(SUPPLIED DATA):
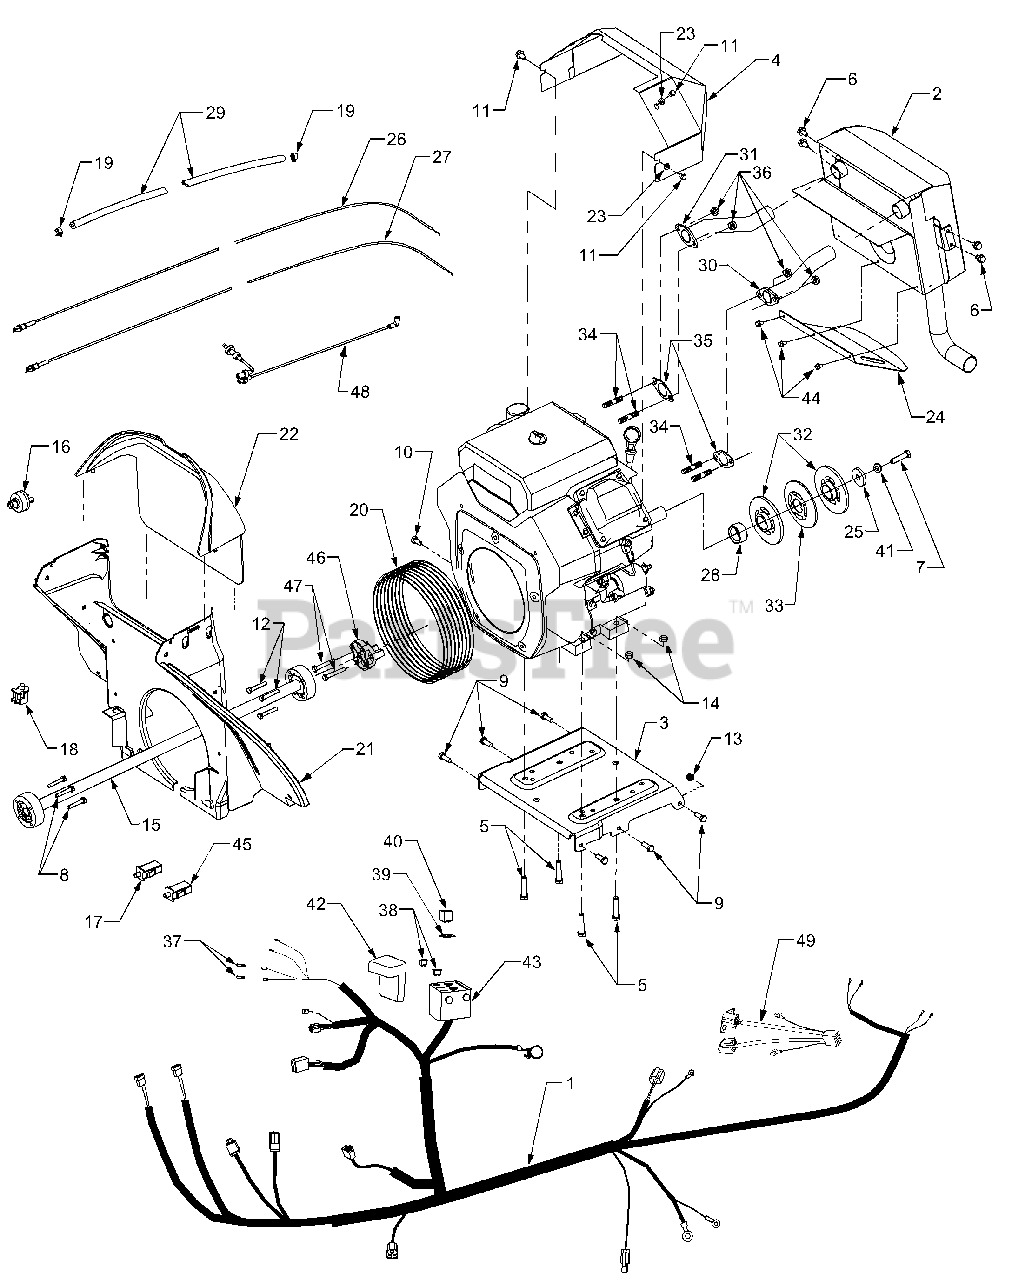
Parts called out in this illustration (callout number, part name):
1	Harness, Wire
1	Tie, Pushmount
1	Clip, Cable
2	Muffler Assembly
3	Plate, Engine Mounting
4	Shield, Muffler Heat
5	Screw, Hex Cap, 3/8-24 x 1.75 GR5
6	Screw, Hex Wash. Hd. Tapp 5/16-18 x .5
7	Screw, Hex Cap, 7/16-20 x 1.5 GR5
8	Screw, Hex Cap Lock 1/4-20 x 1.25 GR5
9	Screw, Hex Cap, 5/16-18 x .875 GR5
10	Screw, Hex Cap, M8 - 1.25 x 16MM GR5
11	Screw, Hex Cap, M6 - 1.0 x 10MM
12	Screw, Hex Cap, Lock 1/4-20 x 1.62 GR5
13	Nut, Hex Insert Lock, 5/16-18
14	Nut, Hex Lock, 3/8-24
15	Shaft, Drive, 27.125 Long
15	Drive Barrels Kit
16	Switch, Key, w/Groung
17	Switch, Plunger
18	Switch, Snap Mount
19	Clamp, Hose
20	Boot, Intake
21	Baffle, Lower Air
22	Baffle, Upper Air
23	Washer, Flat, .281 x .50 x .06
24	Shield, Lower Exhaust
25	Washer, Flat, .417 x 1.5 x .225
26	Cable, Throttle Control
27	Cable, Choke Control
28	Spacer, Crankshaft
29	Hose, Fuel Line
30	Pipe, Exhaust RH
31	Pipe, Exhaust LH
32	Pulley Half
33	Pulley, Center
34	Stud, M8 - 1.25 x 33MM
35	Gasket, Exhaust
36	Nut, Hex, M8 x 1.25
37	Bulb, Indicator
38	Fuse, 25 Amp
39	Gasket, Silicone
40	Relay
41	Washer, Lock, 7/16
42	Cover, Fuse Box
43	Box, Fuse
44	Screw, Hex Wash. Hd. Tapp, #12-24 x .38
45	Switch, Plunger
46	Adapter, Drive Shaft
47	Screw, Hex Flange, M10 x 1.5 x 90
48	Hose, Vacuum
49	Harness Assembly, Bypass
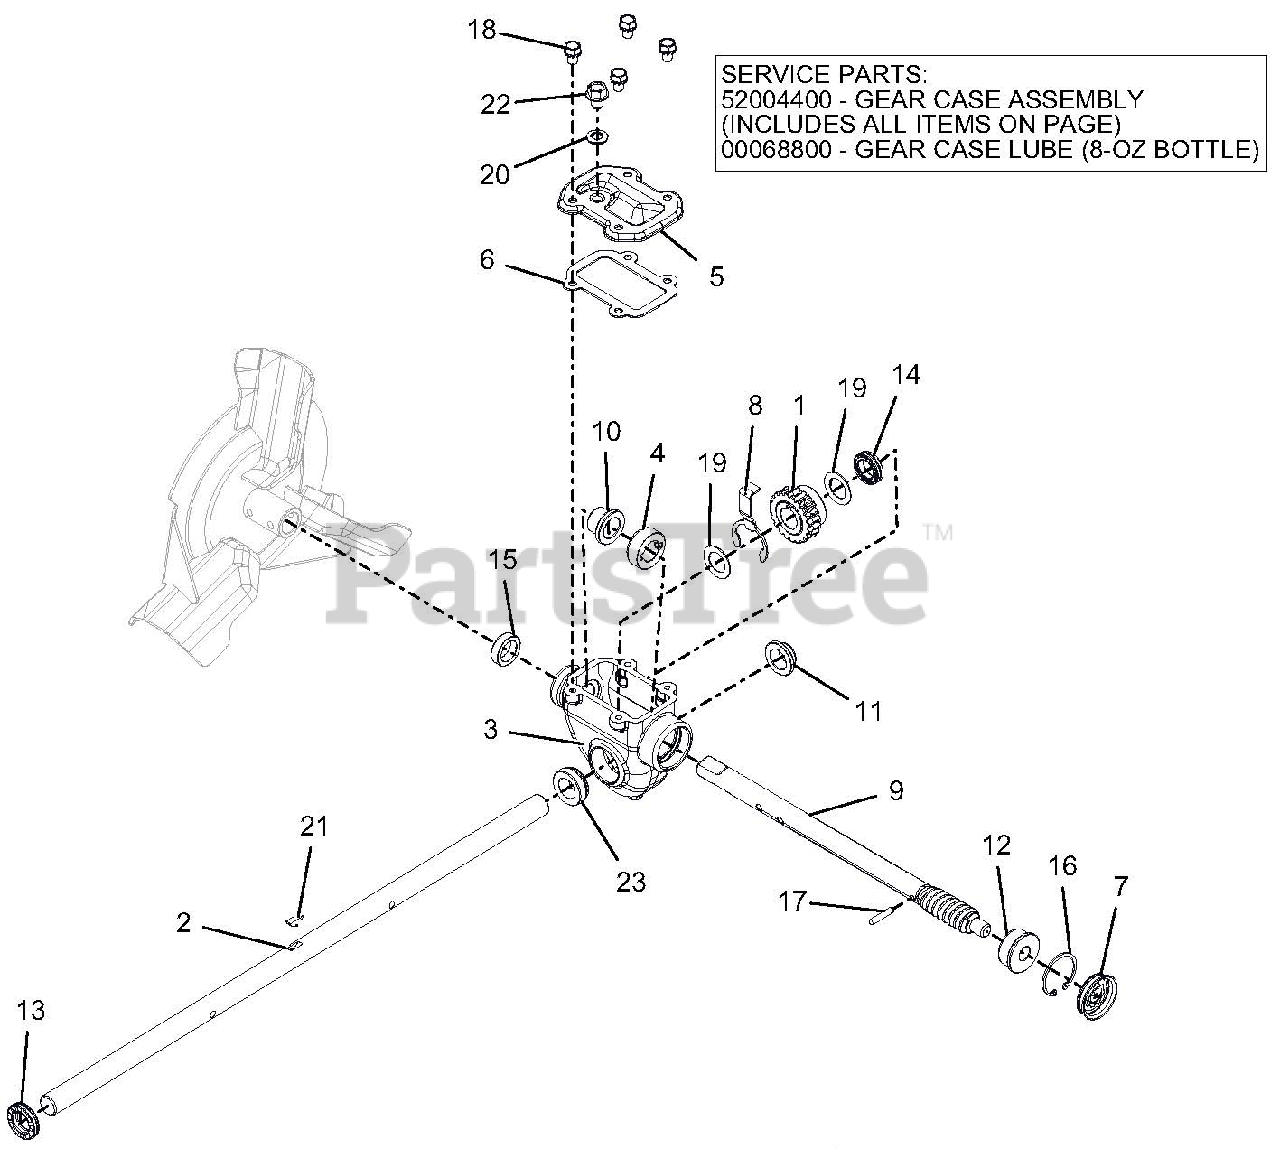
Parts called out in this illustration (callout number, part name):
1	SHAFT AND WORM GEAR ASSEMBLY
2	SHAFT, RAKE - 24" (.750 DIA)
3	GEARCASE, COMPACT MACHINED
4	THRUST COLLAR, .75" ID SLIPFIT
5	COVER, TOP - COMPACT
6	GASKET, TOP - COMPACT GEARCASE
7	COVER, GEAR CASE 1.50"
8	BUSHING RETAINER, COMPACT
9	SHAFT AND WORM GEAR ASSEMBLY
10	BSHG-FLG .755X.878X.75X1.25
11	BSHG-FLG .755X.878X.424X1.25
12	BSHG-FLG .503X1.303X.62X1.465
13	SEAL-OIL .748X1.300X.250 TBC29
14	SEAL-OIL .748X1.125X.312 TBC29
15	SEAL-OIL .748X1.125X.312 TB2-H
16	RG-RTNG-INT 1.500X.050
17	PIN-STR .188X1.00 6150
18	BOLT, SEMS .31-18X.50 GR5 YWZC
19	WSHR-FL-STL .760X1.225X.032 YZ
20	WSHR-BND-SEAL .38X.75X.11 GALV
21	KEY-WDRF .19X.63 HRD #61
22	@SCR-ROLOK .38-16X.50 HWH YWZC
23	BSHG-FLG COMPACT, RIGHT
24	GEAR CASE, 24" IRON SM TOP-LD
25	ARIENS L3 LUBE, 8 OZ BOTTLE

(PROBLEM): Restate the material word for word; no picture should appear in the copy.

(OUTPUT OF THE EXERCISE):
Parts called out in this illustration (callout number, part name):
1	Harness, Wire
1	Tie, Pushmount
1	Clip, Cable
2	Muffler Assembly
3	Plate, Engine Mounting
4	Shield, Muffler Heat
5	Screw, Hex Cap, 3/8-24 x 1.75 GR5
6	Screw, Hex Wash. Hd. Tapp 5/16-18 x .5
7	Screw, Hex Cap, 7/16-20 x 1.5 GR5
8	Screw, Hex Cap Lock 1/4-20 x 1.25 GR5
9	Screw, Hex Cap, 5/16-18 x .875 GR5
10	Screw, Hex Cap, M8 - 1.25 x 16MM GR5
11	Screw, Hex Cap, M6 - 1.0 x 10MM
12	Screw, Hex Cap, Lock 1/4-20 x 1.62 GR5
13	Nut, Hex Insert Lock, 5/16-18
14	Nut, Hex Lock, 3/8-24
15	Shaft, Drive, 27.125 Long
15	Drive Barrels Kit
16	Switch, Key, w/Groung
17	Switch, Plunger
18	Switch, Snap Mount
19	Clamp, Hose
20	Boot, Intake
21	Baffle, Lower Air
22	Baffle, Upper Air
23	Washer, Flat, .281 x .50 x .06
24	Shield, Lower Exhaust
25	Washer, Flat, .417 x 1.5 x .225
26	Cable, Throttle Control
27	Cable, Choke Control
28	Spacer, Crankshaft
29	Hose, Fuel Line
30	Pipe, Exhaust RH
31	Pipe, Exhaust LH
32	Pulley Half
33	Pulley, Center
34	Stud, M8 - 1.25 x 33MM
35	Gasket, Exhaust
36	Nut, Hex, M8 x 1.25
37	Bulb, Indicator
38	Fuse, 25 Amp
39	Gasket, Silicone
40	Relay
41	Washer, Lock, 7/16
42	Cover, Fuse Box
43	Box, Fuse
44	Screw, Hex Wash. Hd. Tapp, #12-24 x .38
45	Switch, Plunger
46	Adapter, Drive Shaft
47	Screw, Hex Flange, M10 x 1.5 x 90
48	Hose, Vacuum
49	Harness Assembly, Bypass
Parts called out in this illustration (callout number, part name):
1	SHAFT AND WORM GEAR ASSEMBLY
2	SHAFT, RAKE - 24" (.750 DIA)
3	GEARCASE, COMPACT MACHINED
4	THRUST COLLAR, .75" ID SLIPFIT
5	COVER, TOP - COMPACT
6	GASKET, TOP - COMPACT GEARCASE
7	COVER, GEAR CASE 1.50"
8	BUSHING RETAINER, COMPACT
9	SHAFT AND WORM GEAR ASSEMBLY
10	BSHG-FLG .755X.878X.75X1.25
11	BSHG-FLG .755X.878X.424X1.25
12	BSHG-FLG .503X1.303X.62X1.465
13	SEAL-OIL .748X1.300X.250 TBC29
14	SEAL-OIL .748X1.125X.312 TBC29
15	SEAL-OIL .748X1.125X.312 TB2-H
16	RG-RTNG-INT 1.500X.050
17	PIN-STR .188X1.00 6150
18	BOLT, SEMS .31-18X.50 GR5 YWZC
19	WSHR-FL-STL .760X1.225X.032 YZ
20	WSHR-BND-SEAL .38X.75X.11 GALV
21	KEY-WDRF .19X.63 HRD #61
22	@SCR-ROLOK .38-16X.50 HWH YWZC
23	BSHG-FLG COMPACT, RIGHT
24	GEAR CASE, 24" IRON SM TOP-LD
25	ARIENS L3 LUBE, 8 OZ BOTTLE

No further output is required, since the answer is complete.